Having been in the commercial power biz in addition to my time at Boeing, I have become aware of a number of inadequate data center power systems installed in the past few decades. Without pointing any fingers, it seems the Seattle area has suffered from a few engineering firms and contractors that rode to dot com boom, swept in installing crap and moved on. The City of Seattle's IT infrastructure could be suffering from an additional problem in that they consolidated their city operations into a building that they picked up cheap. And this building was designed prior to the past few decades growth in IT systems. So its data center power systems were a retrofit to that building with all the shortcomings that this entails. Not enough room to install redundant power risers, switchgear and other assorted equipment in an existing structure.
Have gnu, will travel.
Diesel here in CA is under $4, usually a few cents less than unleaded, and in any case, generators can use the road-tax-free supply (ala. Home heating oil) which drops the price significantly, still.

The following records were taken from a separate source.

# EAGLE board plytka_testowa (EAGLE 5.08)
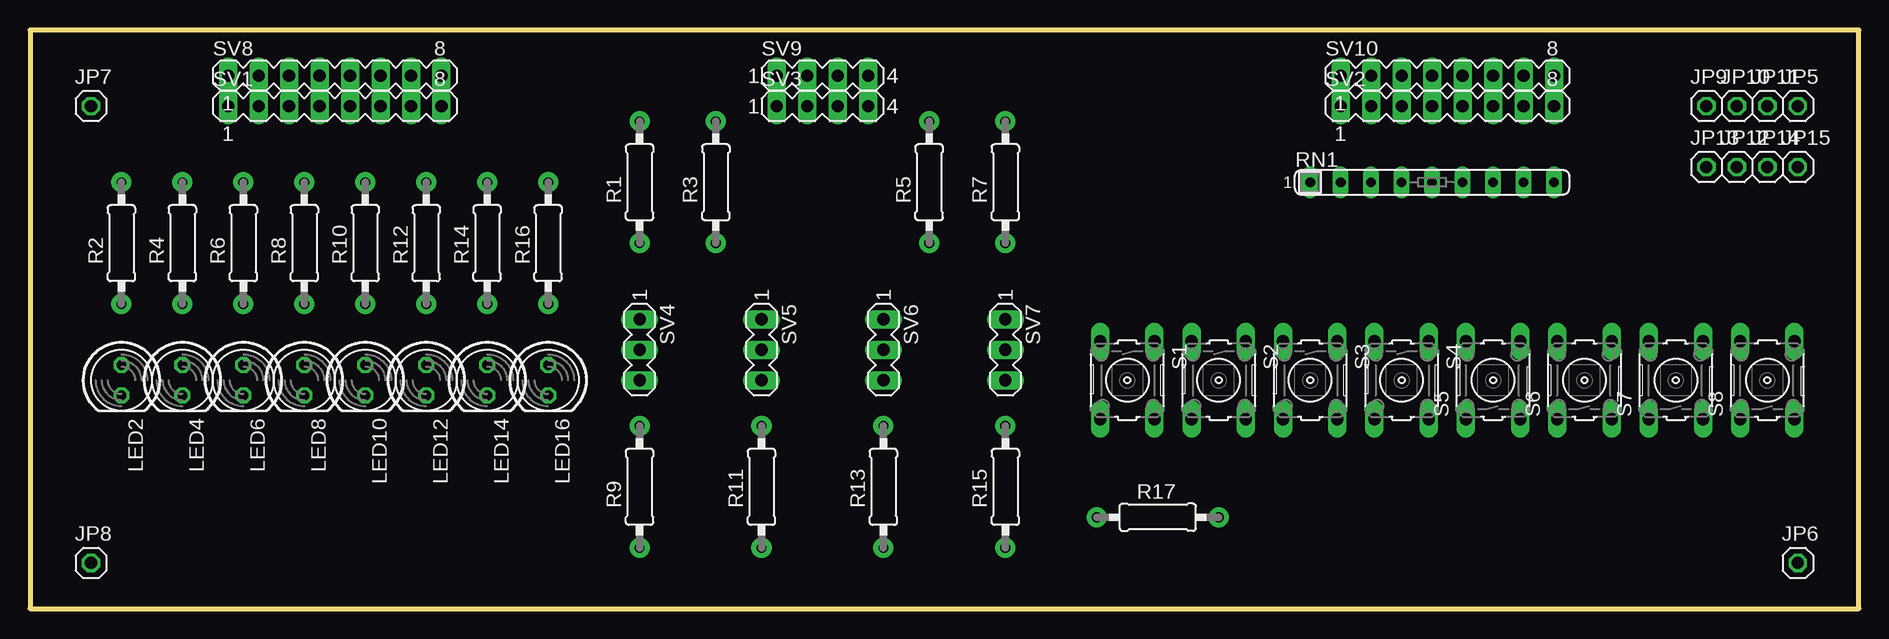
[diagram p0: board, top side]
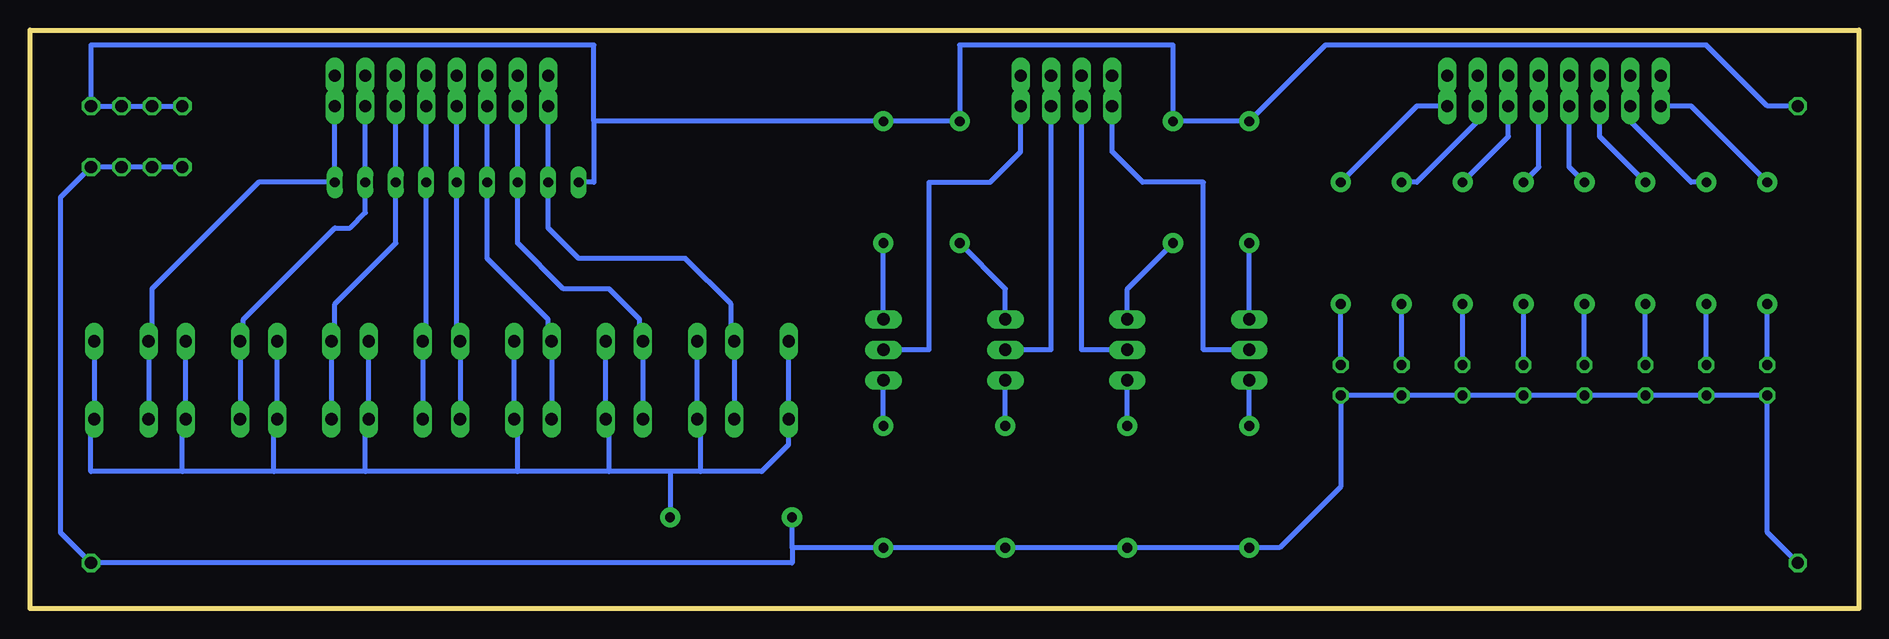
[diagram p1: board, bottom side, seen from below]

Size 152.4 x 48.26 mm. Coordinates in mm from the lower left corner, seen from the top.
Outline: 0,0 152.4,0 152.4,48.26 0,48.26 0,0
Copper layers (1*16): Top 0.035mm / dielectric 1.5mm / Bottom 0.035mm
Design rules "default": minimum track width 10mil, minimum drill 24mil, track to track 8mil, track to pad 8mil, pad to pad 8mil, via to via 8mil, smd to smd 8mil, copper to edge 40mil, drill to drill 8mil, minimum pad ring 10mil, minimum via ring 8mil, stop-mask expansion 4mil, vias tented up to drill 0mil, thermal gap 10mil

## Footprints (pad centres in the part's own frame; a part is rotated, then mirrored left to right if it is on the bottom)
1X01 = drill 1.016 octagon: 1 0,0
LED5MM = drill 0.813 octagon: A -1.27,0; K 1.27,0
0207/10 = drill 0.813 pad 1.676 round: 1 -5.08,0; 2 5.08,0
SIL9 = drill 0.813 long: 1 -10.16,0; 2 -7.62,0; 3 -5.08,0; 4 -2.54,0; 5 0,0; 6 2.54,0; 7 5.08,0; 8 7.62,0; 9 10.16,0
B3F-10XX = drill 1.016 long: 1 -3.251,2.261; 2 3.251,2.261; 3 -3.251,-2.261; 4 3.251,-2.261
MA08-1 = drill 1.016 long: 1 -8.89,0; 2 -6.35,0; 3 -3.81,0; 4 -1.27,0; 5 1.27,0; 6 3.81,0; 7 6.35,0; 8 8.89,0
MA04-1 = drill 1.016 long: 1 -3.81,0; 2 -1.27,0; 3 1.27,0; 4 3.81,0
MA03-1 = drill 1.016 long: 1 -2.54,0; 2 0,0; 3 2.54,0

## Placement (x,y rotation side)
JP5  [1X01]  147.32,41.91 0 top
JP6  [1X01]  147.32,3.81 0 top
JP7  [1X01]  5.08,41.91 0 top
JP8  [1X01]  5.08,3.81 0 top
JP9  [1X01]  139.7,41.91 0 top
JP10  [1X01]  142.24,41.91 0 top
JP11  [1X01]  144.78,41.91 0 top
JP12  [1X01]  142.24,36.83 0 top
JP13  [1X01]  139.7,36.83 0 top
JP14  [1X01]  144.78,36.83 0 top
JP15  [1X01]  147.32,36.83 0 top
LED2  [LED5MM]  7.62,19.05 270 top
LED4  [LED5MM]  12.7,19.05 270 top
LED6  [LED5MM]  17.78,19.05 270 top
LED8  [LED5MM]  22.86,19.05 270 top
LED10  [LED5MM]  27.94,19.05 270 top
LED12  [LED5MM]  33.02,19.05 270 top
LED14  [LED5MM]  38.1,19.05 270 top
LED16  [LED5MM]  43.18,19.05 270 top
R1  [0207/10]  50.8,35.56 90 top
R2  [0207/10]  7.62,30.48 90 top
R3  [0207/10]  57.15,35.56 90 top
R4  [0207/10]  12.7,30.48 90 top
R5  [0207/10]  74.93,35.56 90 top
R6  [0207/10]  17.78,30.48 90 top
R7  [0207/10]  81.28,35.56 90 top
R8  [0207/10]  22.86,30.48 90 top
R9  [0207/10]  50.8,10.16 90 top
R10  [0207/10]  27.94,30.48 90 top
R11  [0207/10]  60.96,10.16 90 top
R12  [0207/10]  33.02,30.48 90 top
R13  [0207/10]  71.12,10.16 90 top
R14  [0207/10]  38.1,30.48 90 top
R15  [0207/10]  81.28,10.16 90 top
R16  [0207/10]  43.18,30.48 90 top
R17  330  [0207/10]  93.98,7.62 0 top
RN1  [SIL9]  116.84,35.56 0 top
S1  [B3F-10XX]  91.44,19.05 270 top
S2  [B3F-10XX]  99.06,19.05 270 top
S3  [B3F-10XX]  106.68,19.05 270 top
S4  [B3F-10XX]  114.3,19.05 270 top
S5  [B3F-10XX]  121.92,19.05 90 top
S6  [B3F-10XX]  129.54,19.05 90 top
S7  [B3F-10XX]  137.16,19.05 90 top
S8  [B3F-10XX]  144.78,19.05 90 top
SV1  [MA08-1]  25.4,41.91 0 top
SV2  [MA08-1]  118.11,41.91 0 top
SV3  [MA04-1]  66.04,41.91 0 top
SV4  [MA03-1]  50.8,21.59 270 top
SV5  [MA03-1]  60.96,21.59 270 top
SV6  [MA03-1]  71.12,21.59 270 top
SV7  [MA03-1]  81.28,21.59 270 top
SV8  [MA08-1]  25.4,44.45 0 top
SV9  [MA04-1]  66.04,44.45 0 top
SV10  [MA08-1]  118.11,44.45 0 top

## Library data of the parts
JP5-JP15 = !pinhead
LED2 LED4 LED6 LED8 LED10 LED12 LED14 LED16 = led
R1-R17 = !rcl_mod
RN1 = resistor-sil
S1-S8 = switch-omron
SV1-SV10 = !con-lstb

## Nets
+5V: JP5.1 JP7.1 JP9.1 JP10.1 JP11.1 R1.2 R3.2 R5.2 R7.2 RN1.1
GND: JP6.1 JP8.1 JP12.1 JP13.1 JP14.1 JP15.1 LED2.K LED4.K LED6.K LED8.K LED10.K LED12.K LED14.K LED16.K R9.1 R11.1 R13.1 R15.1 R17.1
N$1: R2.2 SV1.1 SV8.1
N$2: LED2.A R2.1
N$3: R4.2 SV1.2 SV8.2
N$4: LED4.A R4.1
N$5: R6.2 SV1.3 SV8.3
N$6: LED6.A R6.1
N$7: R8.2 SV1.4 SV8.4
N$8: LED8.A R8.1
N$9: R10.2 SV1.5 SV8.5
N$10: LED10.A R10.1
N$11: R12.2 SV1.6 SV8.6
N$12: LED12.A R12.1
N$13: R14.2 SV1.7 SV8.7
N$14: LED14.A R14.1
N$15: R16.2 SV1.8 SV8.8
N$16: LED16.A R16.1
N$17: SV3.1 SV4.2 SV9.1
N$18: SV3.2 SV5.2 SV9.2
N$19: SV3.3 SV6.2 SV9.3
N$20: SV3.4 SV7.2 SV9.4
N$21: R1.1 SV4.1
N$22: R9.2 SV4.3
N$23: R11.2 SV5.3
N$24: R3.1 SV5.1
N$25: R5.1 SV6.1
N$26: R13.2 SV6.3
N$27: R15.2 SV7.3
N$28: R7.1 SV7.1
N$30: RN1.2 S1.1 S1.2 SV2.1 SV10.1
N$31: RN1.3 S2.1 S2.2 SV2.2 SV10.2
N$32: RN1.4 S3.1 S3.2 SV2.3 SV10.3
N$33: RN1.5 S4.1 S4.2 SV2.4 SV10.4
N$34: RN1.6 S5.1 S5.2 SV2.5 SV10.5
N$35: RN1.7 S6.1 S6.2 SV2.6 SV10.6
N$36: RN1.8 S7.1 S7.2 SV2.7 SV10.7
N$37: RN1.9 S8.1 S8.2 SV2.8 SV10.8
N$38: R17.2 S1.3 S1.4 S2.3 S2.4 S3.3 S3.4 S4.3 S4.4 S5.3 S5.4 S6.3 S6.4 S7.3 S7.4 S8.3 S8.4

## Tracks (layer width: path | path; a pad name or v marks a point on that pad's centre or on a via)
+5V
  Bottom 0.406: 105.41,40.64 105.41,46.99 147.32,46.99 JP5.1 JP11.1 JP10.1 JP9.1 | RN1.1 105.41,35.56 105.41,40.64 | 105.41,40.64 R7.2 R5.2 74.93,46.99 57.15,46.99 R3.2 R1.2 44.45,46.99 12.7,46.99 7.62,41.91 JP7.1
GND
  Bottom 0.406: 88.9,5.08 88.9,3.81 JP6.1 149.86,6.35 149.86,34.29 JP15.1 JP14.1 JP12.1 JP13.1 | 88.9,5.08 R17.1 | 88.9,5.08 R15.1 R13.1 R11.1 R9.1 48.26,5.08 43.18,10.16 LED16.K LED14.K LED12.K LED10.K LED8.K LED6.K LED4.K LED2.K 7.62,6.35 JP8.1
N$1
  Bottom 0.406: R2.2 13.97,41.91 SV1.1 SV8.1
N$2
  Bottom 0.406: LED2.A R2.1
N$3
  Bottom 0.406: R4.2 13.97,35.56 19.05,40.64 SV1.2 SV8.2
N$4
  Bottom 0.406: LED4.A R4.1
N$5
  Bottom 0.406: R6.2 21.59,39.37 SV1.3 SV8.3
N$6
  Bottom 0.406: LED6.A R6.1
N$7
  Bottom 0.406: R8.2 24.13,36.83 SV1.4 SV8.4
N$8
  Bottom 0.406: LED8.A R8.1
N$9
  Bottom 0.406: R10.2 26.67,36.83 SV1.5 SV8.5
N$10
  Bottom 0.406: LED10.A R10.1
N$11
  Bottom 0.406: R12.2 29.21,39.37 SV1.6 SV8.6
N$12
  Bottom 0.406: LED12.A R12.1
N$13
  Bottom 0.406: R14.2 36.83,35.56 31.75,40.64 SV1.7 SV8.7
N$14
  Bottom 0.406: LED14.A R14.1
N$15
  Bottom 0.406: R16.2 36.83,41.91 SV1.8 SV8.8
N$16
  Bottom 0.406: LED16.A R16.1
N$17
  Bottom 0.406: SV4.2 54.61,21.59 54.61,35.56 59.69,35.56 62.23,38.1 SV3.1 SV9.1
N$18
  Bottom 0.406: SV5.2 64.77,21.59 SV3.2 SV9.2
N$19
  Bottom 0.406: SV6.2 67.31,21.59 SV3.3 SV9.3
N$20
  Bottom 0.406: SV7.2 77.47,21.59 77.47,35.56 72.39,35.56 69.85,38.1 SV3.4 SV9.4
N$21
  Bottom 0.406: SV4.1 R1.1
N$22
  Bottom 0.406: R9.2 SV4.3
N$23
  Bottom 0.406: R11.2 SV5.3
N$24
  Bottom 0.406: SV5.1 60.96,26.67 R3.1
N$25
  Bottom 0.406: SV6.1 71.12,26.67 R5.1
N$26
  Bottom 0.406: R13.2 SV6.3
N$27
  Bottom 0.406: R15.2 SV7.3
N$28
  Bottom 0.406: SV7.1 R7.1
N$30
  Bottom 0.406: SV10.1 SV2.1 RN1.2 109.22,31.75 106.68,29.21 97.79,29.21 93.98,25.4 93.98,22.58 S1.1 S1.2
N$31
  Bottom 0.406: SV10.2 SV2.2 RN1.3 111.76,30.48 107.95,26.67 104.14,26.67 101.6,24.13 101.6,22.58 S2.1 S2.2
N$32
  Bottom 0.406: SV10.3 SV2.3 RN1.4 114.3,29.21 109.22,24.13 109.22,22.58 S3.1 S3.2
N$33
  Bottom 0.406: SV10.4 SV2.4 RN1.5 116.84,22.58 S4.1 S4.2
N$34
  Bottom 0.406: SV10.5 SV2.5 RN1.6 119.38,22.58 S5.2 S5.1
N$35
  Bottom 0.406: SV10.6 SV2.6 RN1.7 121.92,30.48 127,25.4 127,22.58 S6.2 S6.1
N$36
  Bottom 0.406: SV10.7 SV2.7 RN1.8 124.46,33.02 125.73,31.75 127,31.75 134.62,24.13 134.62,22.58 S7.2 S7.1
N$37
  Bottom 0.406: SV10.8 SV2.8 RN1.9 133.35,35.56 142.24,26.67 142.24,22.58 S8.2 S8.1
N$38
  Bottom 0.406: 96.52,11.43 91.44,11.43 89.18,13.69 S1.4 S1.3 | 96.52,11.43 96.52,15.52 S2.4 S2.3 | 96.52,11.43 99.06,11.43 | 99.06,11.43 104.14,11.43 | 104.14,11.43 104.14,15.52 S3.4 S3.3 | 111.76,11.43 111.76,15.24 112.04,15.52 S4.4 S4.3 | 104.14,11.43 111.76,11.43 | 124.46,11.43 124.46,15.24 124.18,15.52 S5.3 S5.4 | 111.76,11.43 124.46,11.43 | 132.08,11.43 132.08,15.24 131.8,15.52 S6.3 S6.4 | 124.46,11.43 132.08,11.43 | 139.7,11.43 139.7,15.24 139.42,15.52 S7.3 S7.4 | 132.08,11.43 139.7,11.43 | 139.7,11.43 147.32,11.43 147.32,15.24 147.04,15.52 S8.3 S8.4 | 99.06,11.43 R17.2

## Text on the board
Document: +5V | +5V | 1 | 2 | 3 | 4 | 5 | 6 | 7 | 8 | 1 | 2 | 3 | 4 | 1 | 2 | 3 | 4 | 5 | 6 | 7 | 8 | GND | 1 | 1 | 1 | 1 | 0 | 0 | 0 | 0 | 1 | 1 | 1 | 2 | 3 | 4 | 2 | 3 | 4 | 5 | 6 | 7 | 8 | 2 | 3 | 4 | 5 | 6 | 7 | 8 | GND | GND

Slashdot gets worse every day... Pipedot: News for nerds, without the corporate slant
If you've got enough compute resources to have your own data center, it's probably cheaper for you to have your own data center instead of paying someone else to do it for you. So then, you build your own data center, and you decide on compromising on certain things like power bus redundancy, because in any given data center environment there are a million things that can fail, but you have to prioritize the systems you make redundant by looking at their failure probability and expected failure impact. You can't make everything redundant. That would be foolish because you'd spend so much money on redundancy that you'd have no money left for functionality. You probably want redundancy for routers, switches, servers, storage, etc because that's all stuff that's likely to fail, but I'd bet most single tenant datacenters probably don't have power grid redundancy because that's really expensive, and not as likely to fail. You would probably be better served by staying on a single power grid and putting the money to bring another power connection in on a generator instead.
The point I'm trying to make is that there is a level at which you have to say something is "redundant enough". I think that call that the point of diminishing returns. I would say an overheating power bus is probably an acceptable failure because I would've considered that as something that has a pretty low failure risk, so I wouldn't have spent the money to have two of them.
Remember I'm talking about a single tenant, privately owned datacenter for a small entity here. I.E. a municipality that probably has somewhere between 100-500 servers. Naturally if you're a company that is in the business of doing business online, or a huge company, then this isn't the right path for you. At the end of the day, a municipality offers online services as a convenience for its residents. When the DC blows up, you can still write a check and drop it in the mailbox to pay your water bill.
When you figure out your critical services, you separate them and define another SLA which applies only to them. And from the article, it sounds like that is exactly what they did - they kept the critical life safety systems running and took down the convenience systems for an acceptable period of time. So what's all the fuss about?